··· Available records

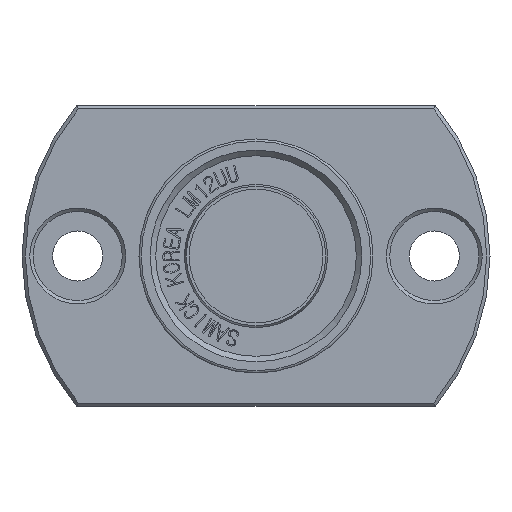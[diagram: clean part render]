
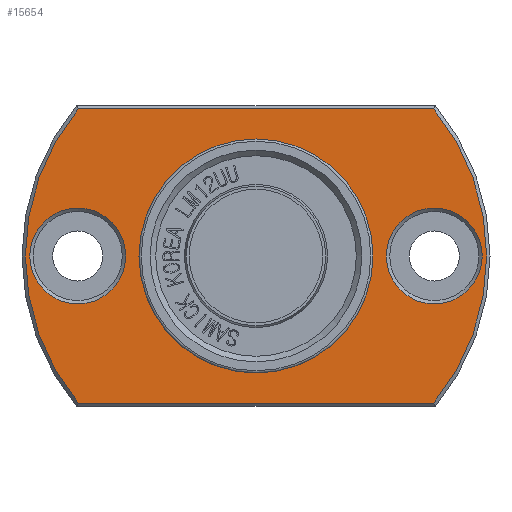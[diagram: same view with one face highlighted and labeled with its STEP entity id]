
A CAD part, front view. The second image highlights one B-rep face of the part: STEP entity #15654.
In plain terms, the highlighted planar face has unit normal (0, -1, 0).
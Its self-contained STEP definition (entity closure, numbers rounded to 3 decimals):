
#2567=FACE_BOUND('',#3703,.T.);
#2568=FACE_BOUND('',#3704,.T.);
#2569=FACE_BOUND('',#3705,.T.);
#2623=PLANE('',#16519);
#2860=FACE_OUTER_BOUND('',#3702,.T.);
#3702=EDGE_LOOP('',(#10902,#10903,#10904,#10905));
#3703=EDGE_LOOP('',(#10906));
#3704=EDGE_LOOP('',(#10907,#10908));
#3705=EDGE_LOOP('',(#10909));
#4600=LINE('',#18651,#5738);
#4601=LINE('',#18655,#5739);
#5738=VECTOR('',#16856,10.);
#5739=VECTOR('',#16859,10.);
#6875=CIRCLE('',#16516,4.3);
#6878=CIRCLE('',#16520,20.7);
#6879=CIRCLE('',#16521,20.7);
#6880=CIRCLE('',#16522,4.3);
#6881=CIRCLE('',#16523,10.5);
#6882=CIRCLE('',#16524,10.5);
#6941=VERTEX_POINT('',#18641);
#6944=VERTEX_POINT('',#18649);
#6945=VERTEX_POINT('',#18650);
#6946=VERTEX_POINT('',#18652);
#6947=VERTEX_POINT('',#18654);
#6948=VERTEX_POINT('',#18657);
#6949=VERTEX_POINT('',#18659);
#6950=VERTEX_POINT('',#18660);
#8525=EDGE_CURVE('',#6941,#6941,#6875,.T.);
#8529=EDGE_CURVE('',#6944,#6945,#4600,.T.);
#8530=EDGE_CURVE('',#6944,#6946,#6878,.T.);
#8531=EDGE_CURVE('',#6947,#6946,#4601,.T.);
#8532=EDGE_CURVE('',#6947,#6945,#6879,.T.);
#8533=EDGE_CURVE('',#6948,#6948,#6880,.T.);
#8534=EDGE_CURVE('',#6949,#6950,#6881,.T.);
#8535=EDGE_CURVE('',#6950,#6949,#6882,.T.);
#10902=ORIENTED_EDGE('',*,*,#8529,.F.);
#10903=ORIENTED_EDGE('',*,*,#8530,.T.);
#10904=ORIENTED_EDGE('',*,*,#8531,.F.);
#10905=ORIENTED_EDGE('',*,*,#8532,.T.);
#10906=ORIENTED_EDGE('',*,*,#8533,.F.);
#10907=ORIENTED_EDGE('',*,*,#8534,.F.);
#10908=ORIENTED_EDGE('',*,*,#8535,.F.);
#10909=ORIENTED_EDGE('',*,*,#8525,.F.);
#15654=ADVANCED_FACE('',(#2860,#2567,#2568,#2569),#2623,.T.);
#16516=AXIS2_PLACEMENT_3D('',#18642,#16847,#16848);
#16519=AXIS2_PLACEMENT_3D('',#18648,#16854,#16855);
#16520=AXIS2_PLACEMENT_3D('',#18653,#16857,#16858);
#16521=AXIS2_PLACEMENT_3D('',#18656,#16860,#16861);
#16522=AXIS2_PLACEMENT_3D('',#18658,#16862,#16863);
#16523=AXIS2_PLACEMENT_3D('',#18661,#16864,#16865);
#16524=AXIS2_PLACEMENT_3D('',#18662,#16866,#16867);
#16847=DIRECTION('center_axis',(0.,-1.,0.));
#16848=DIRECTION('ref_axis',(-1.,0.,0.));
#16854=DIRECTION('center_axis',(0.,-1.,0.));
#16855=DIRECTION('ref_axis',(0.,0.,-1.));
#16856=DIRECTION('',(-1.,0.,0.));
#16857=DIRECTION('center_axis',(0.,-1.,0.));
#16858=DIRECTION('ref_axis',(1.,0.,0.));
#16859=DIRECTION('',(1.,0.,0.));
#16860=DIRECTION('center_axis',(0.,-1.,0.));
#16861=DIRECTION('ref_axis',(1.,0.,0.));
#16862=DIRECTION('center_axis',(0.,-1.,0.));
#16863=DIRECTION('ref_axis',(-1.,0.,0.));
#16864=DIRECTION('center_axis',(0.,-1.,0.));
#16865=DIRECTION('ref_axis',(1.,0.,0.));
#16866=DIRECTION('center_axis',(0.,-1.,0.));
#16867=DIRECTION('ref_axis',(1.,0.,0.));
#18641=CARTESIAN_POINT('',(-11.7,-28.5,0.));
#18642=CARTESIAN_POINT('Origin',(-16.,-28.5,0.));
#18648=CARTESIAN_POINT('Origin',(15.6,-28.5,0.));
#18649=CARTESIAN_POINT('',(15.945,-28.5,-13.2));
#18650=CARTESIAN_POINT('',(-15.945,-28.5,-13.2));
#18651=CARTESIAN_POINT('',(20.3,-28.5,-13.2));
#18652=CARTESIAN_POINT('',(15.945,-28.5,13.2));
#18653=CARTESIAN_POINT('Origin',(0.,-28.5,0.));
#18654=CARTESIAN_POINT('',(-15.945,-28.5,13.2));
#18655=CARTESIAN_POINT('',(-4.7,-28.5,13.2));
#18656=CARTESIAN_POINT('Origin',(0.,-28.5,0.));
#18657=CARTESIAN_POINT('',(20.3,-28.5,0.));
#18658=CARTESIAN_POINT('Origin',(16.,-28.5,0.));
#18659=CARTESIAN_POINT('',(10.5,-28.5,0.));
#18660=CARTESIAN_POINT('',(-10.5,-28.5,0.));
#18661=CARTESIAN_POINT('Origin',(0.,-28.5,0.));
#18662=CARTESIAN_POINT('Origin',(0.,-28.5,0.));

······

→ Work to be completed: Copy out the listing above exactly, and keep the pictures out of it.

→ Task result:
[diagram: clean part render]
[diagram: same view with one face highlighted and labeled with its STEP entity id]
A CAD part, front view. The second image highlights one B-rep face of the part: STEP entity #15654.
In plain terms, the highlighted planar face has unit normal (0, -1, 0).
Its self-contained STEP definition (entity closure, numbers rounded to 3 decimals):
#2567=FACE_BOUND('',#3703,.T.);
#2568=FACE_BOUND('',#3704,.T.);
#2569=FACE_BOUND('',#3705,.T.);
#2623=PLANE('',#16519);
#2860=FACE_OUTER_BOUND('',#3702,.T.);
#3702=EDGE_LOOP('',(#10902,#10903,#10904,#10905));
#3703=EDGE_LOOP('',(#10906));
#3704=EDGE_LOOP('',(#10907,#10908));
#3705=EDGE_LOOP('',(#10909));
#4600=LINE('',#18651,#5738);
#4601=LINE('',#18655,#5739);
#5738=VECTOR('',#16856,10.);
#5739=VECTOR('',#16859,10.);
#6875=CIRCLE('',#16516,4.3);
#6878=CIRCLE('',#16520,20.7);
#6879=CIRCLE('',#16521,20.7);
#6880=CIRCLE('',#16522,4.3);
#6881=CIRCLE('',#16523,10.5);
#6882=CIRCLE('',#16524,10.5);
#6941=VERTEX_POINT('',#18641);
#6944=VERTEX_POINT('',#18649);
#6945=VERTEX_POINT('',#18650);
#6946=VERTEX_POINT('',#18652);
#6947=VERTEX_POINT('',#18654);
#6948=VERTEX_POINT('',#18657);
#6949=VERTEX_POINT('',#18659);
#6950=VERTEX_POINT('',#18660);
#8525=EDGE_CURVE('',#6941,#6941,#6875,.T.);
#8529=EDGE_CURVE('',#6944,#6945,#4600,.T.);
#8530=EDGE_CURVE('',#6944,#6946,#6878,.T.);
#8531=EDGE_CURVE('',#6947,#6946,#4601,.T.);
#8532=EDGE_CURVE('',#6947,#6945,#6879,.T.);
#8533=EDGE_CURVE('',#6948,#6948,#6880,.T.);
#8534=EDGE_CURVE('',#6949,#6950,#6881,.T.);
#8535=EDGE_CURVE('',#6950,#6949,#6882,.T.);
#10902=ORIENTED_EDGE('',*,*,#8529,.F.);
#10903=ORIENTED_EDGE('',*,*,#8530,.T.);
#10904=ORIENTED_EDGE('',*,*,#8531,.F.);
#10905=ORIENTED_EDGE('',*,*,#8532,.T.);
#10906=ORIENTED_EDGE('',*,*,#8533,.F.);
#10907=ORIENTED_EDGE('',*,*,#8534,.F.);
#10908=ORIENTED_EDGE('',*,*,#8535,.F.);
#10909=ORIENTED_EDGE('',*,*,#8525,.F.);
#15654=ADVANCED_FACE('',(#2860,#2567,#2568,#2569),#2623,.T.);
#16516=AXIS2_PLACEMENT_3D('',#18642,#16847,#16848);
#16519=AXIS2_PLACEMENT_3D('',#18648,#16854,#16855);
#16520=AXIS2_PLACEMENT_3D('',#18653,#16857,#16858);
#16521=AXIS2_PLACEMENT_3D('',#18656,#16860,#16861);
#16522=AXIS2_PLACEMENT_3D('',#18658,#16862,#16863);
#16523=AXIS2_PLACEMENT_3D('',#18661,#16864,#16865);
#16524=AXIS2_PLACEMENT_3D('',#18662,#16866,#16867);
#16847=DIRECTION('center_axis',(0.,-1.,0.));
#16848=DIRECTION('ref_axis',(-1.,0.,0.));
#16854=DIRECTION('center_axis',(0.,-1.,0.));
#16855=DIRECTION('ref_axis',(0.,0.,-1.));
#16856=DIRECTION('',(-1.,0.,0.));
#16857=DIRECTION('center_axis',(0.,-1.,0.));
#16858=DIRECTION('ref_axis',(1.,0.,0.));
#16859=DIRECTION('',(1.,0.,0.));
#16860=DIRECTION('center_axis',(0.,-1.,0.));
#16861=DIRECTION('ref_axis',(1.,0.,0.));
#16862=DIRECTION('center_axis',(0.,-1.,0.));
#16863=DIRECTION('ref_axis',(-1.,0.,0.));
#16864=DIRECTION('center_axis',(0.,-1.,0.));
#16865=DIRECTION('ref_axis',(1.,0.,0.));
#16866=DIRECTION('center_axis',(0.,-1.,0.));
#16867=DIRECTION('ref_axis',(1.,0.,0.));
#18641=CARTESIAN_POINT('',(-11.7,-28.5,0.));
#18642=CARTESIAN_POINT('Origin',(-16.,-28.5,0.));
#18648=CARTESIAN_POINT('Origin',(15.6,-28.5,0.));
#18649=CARTESIAN_POINT('',(15.945,-28.5,-13.2));
#18650=CARTESIAN_POINT('',(-15.945,-28.5,-13.2));
#18651=CARTESIAN_POINT('',(20.3,-28.5,-13.2));
#18652=CARTESIAN_POINT('',(15.945,-28.5,13.2));
#18653=CARTESIAN_POINT('Origin',(0.,-28.5,0.));
#18654=CARTESIAN_POINT('',(-15.945,-28.5,13.2));
#18655=CARTESIAN_POINT('',(-4.7,-28.5,13.2));
#18656=CARTESIAN_POINT('Origin',(0.,-28.5,0.));
#18657=CARTESIAN_POINT('',(20.3,-28.5,0.));
#18658=CARTESIAN_POINT('Origin',(16.,-28.5,0.));
#18659=CARTESIAN_POINT('',(10.5,-28.5,0.));
#18660=CARTESIAN_POINT('',(-10.5,-28.5,0.));
#18661=CARTESIAN_POINT('Origin',(0.,-28.5,0.));
#18662=CARTESIAN_POINT('Origin',(0.,-28.5,0.));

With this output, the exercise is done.